Derived from argentaffin cells in primitive foregut (Ann IM 1972;77:53). Syndrome develops only after metastases. Symptoms related to secreted serotonin (Nejm 1967;277:1103), kallikrein (Ann IM 1969;71:763), gastrin (Nejm 1978;299:1053), histamine, dopamine, substance P, prostaglandins

Also arise in stomach w ZE or atrophic gastritis and sometimes pernicious anemia due to excessive gastrin stimulation (Nejm 1997;336:866), lungs, ovary, or pancreas (Ann IM 1972;77:53); or gi tract; those originating in appendix are rarely malignant and rarely metastasize, while those of small bowel origin become malignant (20%), many metastasize; rectal ones small and without sx

Epidemiology

1-2/100 000/yr in US

Signs and Symptoms

Sx:Diarrhea, wheezing/asthma, red/violaceous flushes inducible by alcohol

Si:Right-sided heart murmurs, due to right heart scarring (Nejm 2003;348:1005); fundi during flush show decreased blood flow; plastic induration of penis (Nejm 1973;289:844)

Course

Very low-grade malignancy, can live years with mets

Complications

r/o mastocytosis (Urticaria Pigmentosa, Mastocytosis)

Lab and Xray

Lab:

Chem:24-h urine shows 5-HIAA (a serotonin degradation product) elevated, 86% sens, 100% specif (D. Oppenheim, 11/93) but can get false positives with glycerol guaiacolate expectorants, bananas, phenothiazines, caffeine, acetaminophen (Tylenol)

Path:Biopsy positive on silver stains

Xray:Scan with labeled octreotide (somatostatin analog) to pick up primary (12/13) and mets (Nejm 1990;323:1246)

Treatment

Rx:

Cimetidine (Tagamet) + diphenhydramine (Benadryl) (or any other H2 + H1 blocker combination) decrease flush sx (Nejm 1979;300:236)

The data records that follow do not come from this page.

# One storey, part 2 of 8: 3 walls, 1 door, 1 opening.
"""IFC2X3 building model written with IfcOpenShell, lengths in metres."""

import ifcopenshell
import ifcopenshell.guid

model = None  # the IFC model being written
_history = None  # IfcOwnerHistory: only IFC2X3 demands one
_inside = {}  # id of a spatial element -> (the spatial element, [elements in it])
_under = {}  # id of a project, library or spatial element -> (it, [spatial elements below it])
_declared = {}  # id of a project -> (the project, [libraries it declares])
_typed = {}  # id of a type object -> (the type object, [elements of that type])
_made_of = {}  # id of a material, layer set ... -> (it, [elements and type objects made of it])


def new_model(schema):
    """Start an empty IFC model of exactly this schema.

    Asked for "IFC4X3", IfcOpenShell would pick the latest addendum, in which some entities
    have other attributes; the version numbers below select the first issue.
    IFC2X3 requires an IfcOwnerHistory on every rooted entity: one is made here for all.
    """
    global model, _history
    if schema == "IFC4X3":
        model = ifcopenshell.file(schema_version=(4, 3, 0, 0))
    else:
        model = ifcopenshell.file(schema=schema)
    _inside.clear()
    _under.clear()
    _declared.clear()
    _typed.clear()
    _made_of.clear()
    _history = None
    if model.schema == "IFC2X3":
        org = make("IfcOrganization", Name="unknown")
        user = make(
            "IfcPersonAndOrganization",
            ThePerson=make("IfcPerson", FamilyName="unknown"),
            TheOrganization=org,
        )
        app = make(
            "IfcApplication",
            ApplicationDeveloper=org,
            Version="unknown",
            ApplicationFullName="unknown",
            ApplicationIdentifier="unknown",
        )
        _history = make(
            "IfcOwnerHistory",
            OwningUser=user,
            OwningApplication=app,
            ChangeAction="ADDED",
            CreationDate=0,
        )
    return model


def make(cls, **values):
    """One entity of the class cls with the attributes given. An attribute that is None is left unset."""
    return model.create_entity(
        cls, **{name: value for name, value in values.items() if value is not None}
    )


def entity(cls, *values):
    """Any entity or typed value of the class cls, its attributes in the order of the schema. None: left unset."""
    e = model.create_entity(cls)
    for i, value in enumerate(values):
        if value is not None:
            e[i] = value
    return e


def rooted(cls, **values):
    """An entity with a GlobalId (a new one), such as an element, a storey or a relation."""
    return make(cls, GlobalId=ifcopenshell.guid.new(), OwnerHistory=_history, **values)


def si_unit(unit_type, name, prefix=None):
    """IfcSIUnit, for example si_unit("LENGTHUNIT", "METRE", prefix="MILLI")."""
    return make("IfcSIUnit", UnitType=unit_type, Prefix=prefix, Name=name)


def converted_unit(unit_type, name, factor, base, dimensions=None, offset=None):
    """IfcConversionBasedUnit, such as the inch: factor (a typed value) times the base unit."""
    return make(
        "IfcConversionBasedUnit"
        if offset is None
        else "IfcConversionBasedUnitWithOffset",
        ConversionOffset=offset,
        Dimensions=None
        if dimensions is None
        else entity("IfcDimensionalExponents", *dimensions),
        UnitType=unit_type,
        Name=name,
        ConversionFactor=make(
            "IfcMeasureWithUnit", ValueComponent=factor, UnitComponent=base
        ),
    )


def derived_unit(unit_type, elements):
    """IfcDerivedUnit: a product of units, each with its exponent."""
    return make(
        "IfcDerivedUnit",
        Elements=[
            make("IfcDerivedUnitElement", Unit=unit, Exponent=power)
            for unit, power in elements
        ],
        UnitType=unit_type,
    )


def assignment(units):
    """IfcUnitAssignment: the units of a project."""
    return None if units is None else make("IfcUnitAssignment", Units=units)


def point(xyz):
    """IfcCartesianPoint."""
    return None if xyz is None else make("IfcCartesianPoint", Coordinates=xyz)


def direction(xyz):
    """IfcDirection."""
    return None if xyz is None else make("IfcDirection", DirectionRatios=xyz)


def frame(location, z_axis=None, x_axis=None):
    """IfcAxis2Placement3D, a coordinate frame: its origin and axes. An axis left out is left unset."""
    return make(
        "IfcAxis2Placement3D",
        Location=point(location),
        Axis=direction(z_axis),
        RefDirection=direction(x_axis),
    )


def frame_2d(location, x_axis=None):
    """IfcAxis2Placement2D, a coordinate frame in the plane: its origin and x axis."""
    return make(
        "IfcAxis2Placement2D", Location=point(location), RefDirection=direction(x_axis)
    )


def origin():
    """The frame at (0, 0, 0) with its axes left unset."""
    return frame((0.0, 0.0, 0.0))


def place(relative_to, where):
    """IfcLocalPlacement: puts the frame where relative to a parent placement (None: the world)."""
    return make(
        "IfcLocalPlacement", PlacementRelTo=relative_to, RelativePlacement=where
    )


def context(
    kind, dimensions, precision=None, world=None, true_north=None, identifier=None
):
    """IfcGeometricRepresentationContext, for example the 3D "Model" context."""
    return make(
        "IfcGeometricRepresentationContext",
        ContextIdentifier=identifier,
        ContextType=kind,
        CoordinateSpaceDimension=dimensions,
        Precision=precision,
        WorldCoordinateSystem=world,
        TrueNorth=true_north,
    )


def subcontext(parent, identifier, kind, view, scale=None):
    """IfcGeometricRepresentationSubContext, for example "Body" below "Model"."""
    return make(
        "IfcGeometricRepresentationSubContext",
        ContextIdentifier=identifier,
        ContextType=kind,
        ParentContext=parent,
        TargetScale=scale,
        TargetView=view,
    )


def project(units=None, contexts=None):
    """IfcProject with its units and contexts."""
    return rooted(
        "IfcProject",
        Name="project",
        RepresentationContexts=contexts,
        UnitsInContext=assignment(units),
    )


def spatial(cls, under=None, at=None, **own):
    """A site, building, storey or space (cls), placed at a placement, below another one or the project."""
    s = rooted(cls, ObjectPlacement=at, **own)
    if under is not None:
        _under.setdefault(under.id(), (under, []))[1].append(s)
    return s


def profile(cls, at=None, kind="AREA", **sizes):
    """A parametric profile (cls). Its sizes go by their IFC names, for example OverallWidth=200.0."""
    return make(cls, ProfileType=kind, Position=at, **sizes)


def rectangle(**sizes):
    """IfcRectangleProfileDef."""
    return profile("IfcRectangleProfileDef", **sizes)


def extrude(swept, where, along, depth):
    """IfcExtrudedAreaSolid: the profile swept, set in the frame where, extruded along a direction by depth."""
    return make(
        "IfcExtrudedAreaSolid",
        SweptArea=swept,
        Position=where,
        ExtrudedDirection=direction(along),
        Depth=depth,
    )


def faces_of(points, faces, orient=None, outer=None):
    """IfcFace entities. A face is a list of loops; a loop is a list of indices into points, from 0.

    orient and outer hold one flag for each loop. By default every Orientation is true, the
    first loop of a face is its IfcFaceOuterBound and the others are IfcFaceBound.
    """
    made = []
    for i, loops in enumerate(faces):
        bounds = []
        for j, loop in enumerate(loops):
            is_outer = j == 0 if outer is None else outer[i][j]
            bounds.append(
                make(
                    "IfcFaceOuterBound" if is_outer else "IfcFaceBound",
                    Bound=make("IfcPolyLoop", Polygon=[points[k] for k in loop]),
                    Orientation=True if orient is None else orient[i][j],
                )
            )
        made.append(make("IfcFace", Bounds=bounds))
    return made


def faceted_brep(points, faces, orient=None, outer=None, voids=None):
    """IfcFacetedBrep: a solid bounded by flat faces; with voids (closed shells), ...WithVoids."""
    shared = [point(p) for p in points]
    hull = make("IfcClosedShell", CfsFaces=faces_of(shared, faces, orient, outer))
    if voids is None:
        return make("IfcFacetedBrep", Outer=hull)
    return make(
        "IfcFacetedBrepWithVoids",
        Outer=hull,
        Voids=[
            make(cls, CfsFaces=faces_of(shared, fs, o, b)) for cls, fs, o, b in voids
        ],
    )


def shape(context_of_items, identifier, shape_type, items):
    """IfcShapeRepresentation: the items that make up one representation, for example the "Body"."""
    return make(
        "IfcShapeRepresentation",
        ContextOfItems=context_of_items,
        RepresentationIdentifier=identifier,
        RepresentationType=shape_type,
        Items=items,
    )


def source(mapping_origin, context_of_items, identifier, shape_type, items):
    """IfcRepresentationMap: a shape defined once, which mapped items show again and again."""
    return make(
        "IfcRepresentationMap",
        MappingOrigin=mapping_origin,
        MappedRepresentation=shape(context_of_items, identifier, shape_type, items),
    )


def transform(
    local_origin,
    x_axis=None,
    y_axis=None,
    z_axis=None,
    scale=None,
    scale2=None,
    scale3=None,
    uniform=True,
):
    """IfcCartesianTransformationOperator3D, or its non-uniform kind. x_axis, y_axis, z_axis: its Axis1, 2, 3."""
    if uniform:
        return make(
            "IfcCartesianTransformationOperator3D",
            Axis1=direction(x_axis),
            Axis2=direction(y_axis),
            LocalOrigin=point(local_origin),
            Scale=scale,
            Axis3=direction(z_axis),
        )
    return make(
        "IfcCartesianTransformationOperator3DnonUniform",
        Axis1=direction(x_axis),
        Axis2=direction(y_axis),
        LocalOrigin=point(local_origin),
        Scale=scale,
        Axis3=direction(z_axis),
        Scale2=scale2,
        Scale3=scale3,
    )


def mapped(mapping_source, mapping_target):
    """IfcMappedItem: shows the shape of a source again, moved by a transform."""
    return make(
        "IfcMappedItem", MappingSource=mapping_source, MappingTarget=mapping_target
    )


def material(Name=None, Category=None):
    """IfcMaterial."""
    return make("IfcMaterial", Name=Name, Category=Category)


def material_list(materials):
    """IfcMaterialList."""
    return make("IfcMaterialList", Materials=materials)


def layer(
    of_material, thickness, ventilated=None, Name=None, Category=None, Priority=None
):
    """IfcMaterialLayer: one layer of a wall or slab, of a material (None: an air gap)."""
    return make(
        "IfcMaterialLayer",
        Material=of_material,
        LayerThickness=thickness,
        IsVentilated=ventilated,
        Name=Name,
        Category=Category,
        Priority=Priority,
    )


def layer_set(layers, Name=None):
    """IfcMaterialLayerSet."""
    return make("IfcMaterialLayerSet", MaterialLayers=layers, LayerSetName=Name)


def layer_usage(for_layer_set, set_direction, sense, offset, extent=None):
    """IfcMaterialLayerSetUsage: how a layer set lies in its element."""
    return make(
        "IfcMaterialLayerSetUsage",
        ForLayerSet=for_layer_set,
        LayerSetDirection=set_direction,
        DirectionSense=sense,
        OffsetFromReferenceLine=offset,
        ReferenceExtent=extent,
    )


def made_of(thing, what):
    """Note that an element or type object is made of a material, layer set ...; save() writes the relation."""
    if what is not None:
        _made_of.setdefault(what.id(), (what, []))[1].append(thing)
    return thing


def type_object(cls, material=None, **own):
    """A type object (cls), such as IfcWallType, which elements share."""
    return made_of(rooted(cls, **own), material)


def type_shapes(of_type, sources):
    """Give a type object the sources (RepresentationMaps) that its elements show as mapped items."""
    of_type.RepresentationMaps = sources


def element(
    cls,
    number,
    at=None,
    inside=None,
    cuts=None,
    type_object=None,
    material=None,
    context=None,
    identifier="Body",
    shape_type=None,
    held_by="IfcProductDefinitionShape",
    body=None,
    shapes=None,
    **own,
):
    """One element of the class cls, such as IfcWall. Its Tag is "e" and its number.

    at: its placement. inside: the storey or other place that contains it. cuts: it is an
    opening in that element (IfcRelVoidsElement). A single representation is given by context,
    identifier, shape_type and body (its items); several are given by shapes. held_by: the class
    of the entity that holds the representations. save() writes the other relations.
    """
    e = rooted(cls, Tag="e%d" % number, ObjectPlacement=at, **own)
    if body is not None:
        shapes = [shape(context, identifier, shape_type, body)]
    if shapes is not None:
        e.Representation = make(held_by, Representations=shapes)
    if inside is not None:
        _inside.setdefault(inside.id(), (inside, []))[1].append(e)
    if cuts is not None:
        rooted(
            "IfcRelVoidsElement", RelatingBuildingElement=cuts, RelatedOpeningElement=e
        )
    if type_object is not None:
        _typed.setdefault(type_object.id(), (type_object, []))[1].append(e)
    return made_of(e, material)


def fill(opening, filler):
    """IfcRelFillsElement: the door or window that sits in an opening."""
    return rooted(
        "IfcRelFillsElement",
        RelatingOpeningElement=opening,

Somatostatin analog (octreotide) sc q 8-12 h controls flushing and diarrhea sx (Med Let 1989;31:66; Nejm 1986;315:663) by blocking somatostatin receptors on the tumor (Nejm 1990;323:1246), somatostatin LAR preparation if short-acting effective, typical dosage 100-600 µgm/d in 2-4 doses, up to 1500 µgm/d

Streptozocin and 5-FU or cyclophosphamide for malignant types

Surgical of appendiceal types, simple appendectomy if <2 cm or elderly; right colectomy if >2 cm irrespective of degree of wall or other invasion (Nejm 1987;317:1699)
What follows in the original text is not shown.